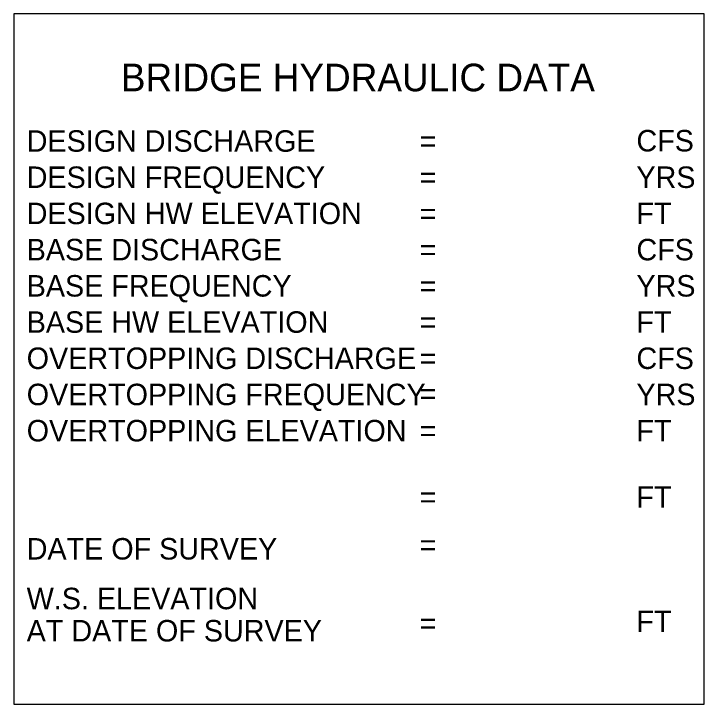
# Model space of a CAD drawing. Extents: x 10070 to 15319, y 8517 to 10343.
# Drawn here: x 15094.1 to 15319.1, y 9328.2 to 9553.2 of the extents above; entities that cross this region are included whole.
import ezdxf

# ---------------------------------------------------------------- set-up
doc = ezdxf.new("R2010")
doc.units = 0
doc.layers.add('Prop Grid Mask', color=7, linetype='Continuous')
doc.layers.add('Scratch_Level_4', color=7, linetype='Continuous')

msp = doc.modelspace()

# ---------------------------------------------------------------- linework, layer by layer
at = {"layer": 'Prop Grid Mask'}
msp.add_lwpolyline([(15094.14, 9328.15), (15319.14, 9328.15), (15319.14, 9553.15), (15094.14, 9553.15)], close=True, dxfattribs=at)

# ---------------------------------------------------------------- texts
at = {"layer": 'Scratch_Level_4'}
for s, height, p in [('BRIDGE HYDRAULIC DATA', 9, (15129.04, 9527.9)), ('DESIGN DISCHARGE', 7, (15098.34, 9508.2)), ('CFS', 7, (15297.06, 9508.3)), ('=         ', 7, (15226.41, 9508.2)), ('DESIGN FREQUENCY', 7, (15098.34, 9496.4)), ('YRS', 7, (15297.06, 9496.4)), ('=    ', 7, (15226.41, 9496.4)), ('DESIGN HW ELEVATION', 7, (15098.34, 9484.6)), ('FT', 7, (15297.06, 9484.6)), ('=         ', 7, (15226.41, 9484.6)), ('BASE DISCHARGE', 7, (15098.34, 9472.8)), ('CFS', 7, (15297.06, 9472.8)), ('=         ', 7, (15226.41, 9472.8)), ('BASE FREQUENCY', 7, (15098.34, 9461)), ('YRS', 7, (15297.06, 9461)), ('=    ', 7, (15226.41, 9461)), ('BASE HW ELEVATION', 7, (15098.34, 9449.2)), ('FT', 7, (15297.06, 9449.2)), ('=         ', 7, (15226.41, 9449.2)), ('OVERTOPPING DISCHARGE', 7, (15098.34, 9437.4)), ('CFS', 7, (15297.06, 9437.4)), ('=         ', 7, (15226.41, 9437.4)), ('OVERTOPPING FREQUENCY', 7, (15098.34, 9425.6)), ('YRS', 7, (15297.06, 9425.6)), ('=    ', 7, (15226.41, 9425.9)), ('OVERTOPPING ELEVATION', 7, (15098.34, 9413.8)), ('FT', 7, (15297.06, 9413.8)), ('=         ', 7, (15226.41, 9413.8)), ('FT', 7, (15297.06, 9392.2)), ('=         ', 7, (15226.41, 9392.2)), ('DATE OF SURVEY', 7, (15098.34, 9375.3)), ('=           ', 7, (15226.41, 9376.6)), ('W.S. ELEVATION', 7, (15098.34, 9359.1)), ('FT', 7, (15297.06, 9351.65)), ('AT DATE OF SURVEY', 7, (15098.34, 9348.6)), ('=         ', 7, (15226.41, 9351.05))]:
    msp.add_text(s, height=height, dxfattribs=at).set_placement(p)

doc.saveas('drawing.dxf')
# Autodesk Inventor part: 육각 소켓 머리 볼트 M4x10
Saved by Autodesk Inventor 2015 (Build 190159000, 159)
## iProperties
Created: 2024-11
Part Number: 육각 소켓 머리 볼트 M4x10
Material: 일반
Document SubType Name: Modeling
Designer: 102-5
Density: 1 g/cm^3
Appearance: 기본값
Author: 102-5
Author: jhkim
Description: 6각머리 태핑 나사
Creation Date: 2024-10-25
Sending System: Autodesk Inventor 2025
Preprocessor: ST-DEVELOPER v20
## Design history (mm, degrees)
node "육각 소켓 머리 볼트 M4x101"
body "Solid1"
node "기준1"

▶ EXERCISE:
Go line by line through the records above and copy each one containing "drawing".

▶ SOLUTION TO THIS PROBLEM:
# Model space of a CAD drawing. Extents: x 10070 to 15319, y 8517 to 10343.
doc.saveas('drawing.dxf')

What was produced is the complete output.